In acute leukemia, the myeloid/lymphoid or mixed-lineage leukemia (MLL) gene, located at chromosomal band 11q23, is a recurrent target of chromosome translocation. The MLL fusion proteins play roles in signal transduction or transcriptional regulation during the oncogenic process. MLL gene rearrangements occur in both subtypes of leukemia, ALL (acute lymphoblastic leukemia) and AML (acute myeloid leukemia).

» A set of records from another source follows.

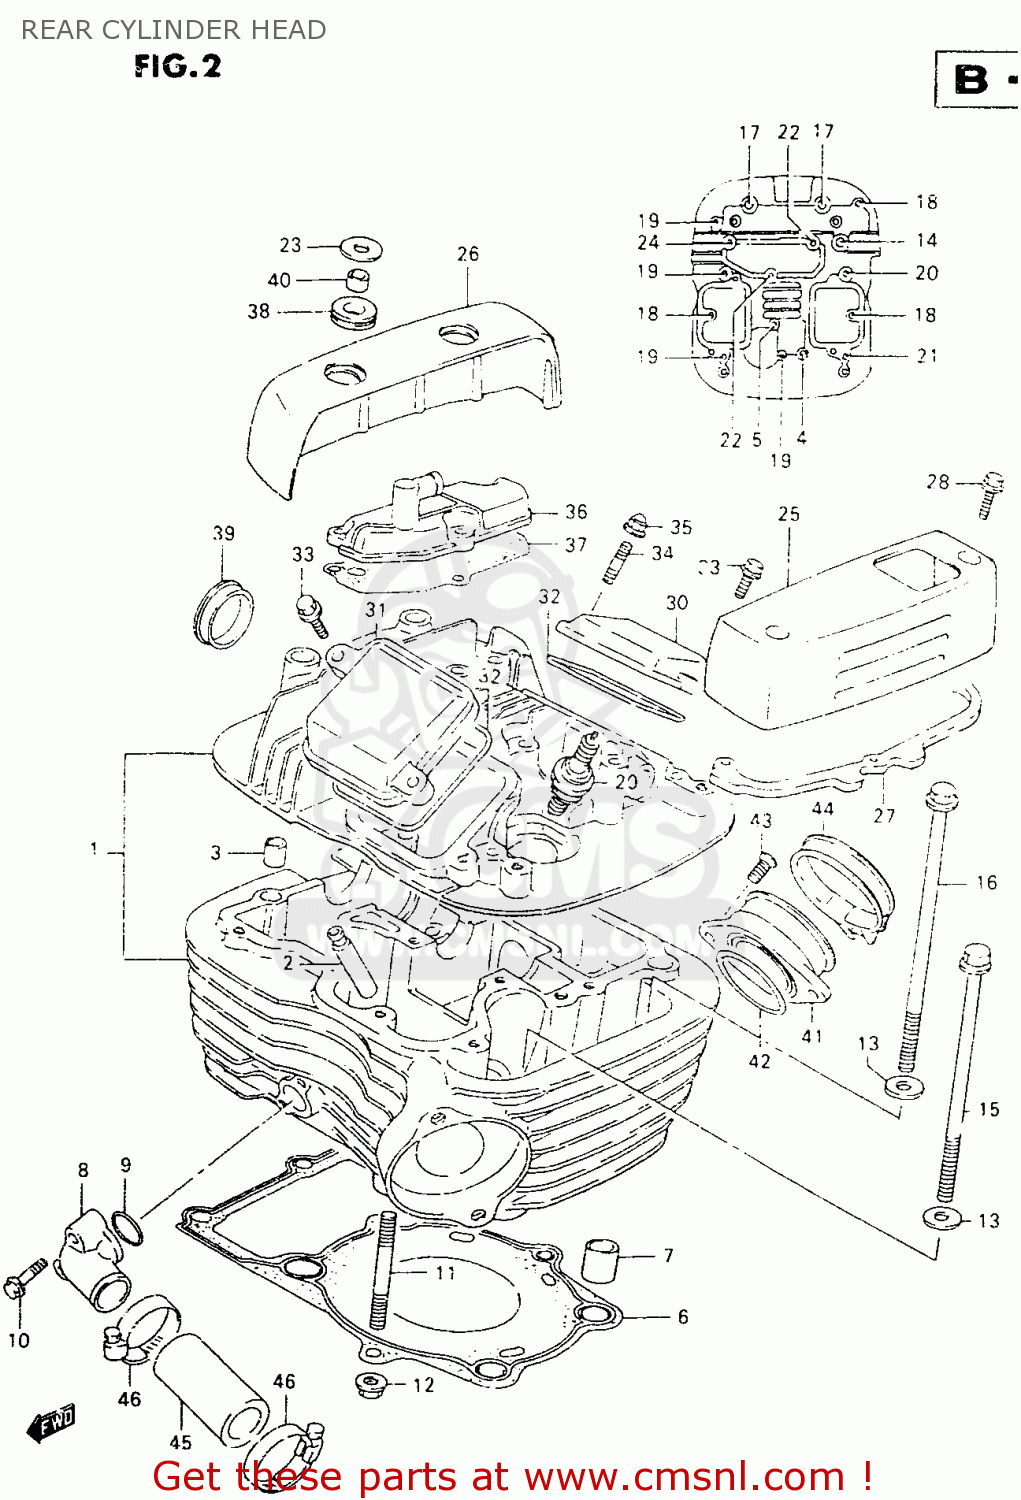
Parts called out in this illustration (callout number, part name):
1	HEAD ASSY,CYLINDER RR
2	GUIDE,VALVE
3	PIN(8.4X11X14)
4	BOLT(6X50)
5	BOLT(6X55)
6	GASKET,CYLINDER HEAD RR (NAS)
7	PIN
8	UNION,CYLINDER HEAD WATER
9	O RING(D:2.4,ID:17.8)
10	SCREW
11	BOLT,STUD
12	NUT
13	WASHER (10.5X22X2.3)
14	BOLT(8X140)
15	BOLT(10X155)
16	BOLT(10X165)
17	BOLT(8X245)
18	BOLT
19	BOLT
20	BOLT
21	BOLT
22	BOLT(6X55)
23	WASHER(8.5X24X1.6)
24	BOLT
25	CAP,CYLINDER HEAD COVER,R-L
26	CAP,CYL HEAD COVER,FL & RR
27	CUSHION,RR,L CAP
28	BOLT(6X35)
29	PLUG,SPARK(DPR8EA-9)
30	CAP,INSPECTION INTAKE
31	CAP,INSPECTION EXHAUST
32	GASKET,INSPECTION CAP (NAS)
33	BOLT
34	STUD 6X16
35	NUT
36	COVER,BREATHER
37	GASKET,BREATHER COVER (NAS)
38	CUSHION
39	PLUG(OD:30)
40	BUSH
41	PIPE,INTAKE,REAR
42	O-RING (D:2.4 ID:39.7)
43	SCREW
44	CLAMP
45	HOSE,CYLINDER HEAD JOINT
46	CLAMP

This study investigated global expression patterns and common target genes of ALL and AML leukemia subtypes, the MLL chimeric fusion genes, and how these fusion proteins affect the cellular properties of both myeloid and lymphoblastic lineages.
A series of 363 adult acute leukemia specimens were analyzed using the Affymetrix7 GeneChip7 U133 array sets. Although expression profiling indicated distinct expression signatures from two subtypes of leukemia, it could not clearly demonstrate an association between the differentially expressed genes and six partner genes that are known to interact with the MLL gene.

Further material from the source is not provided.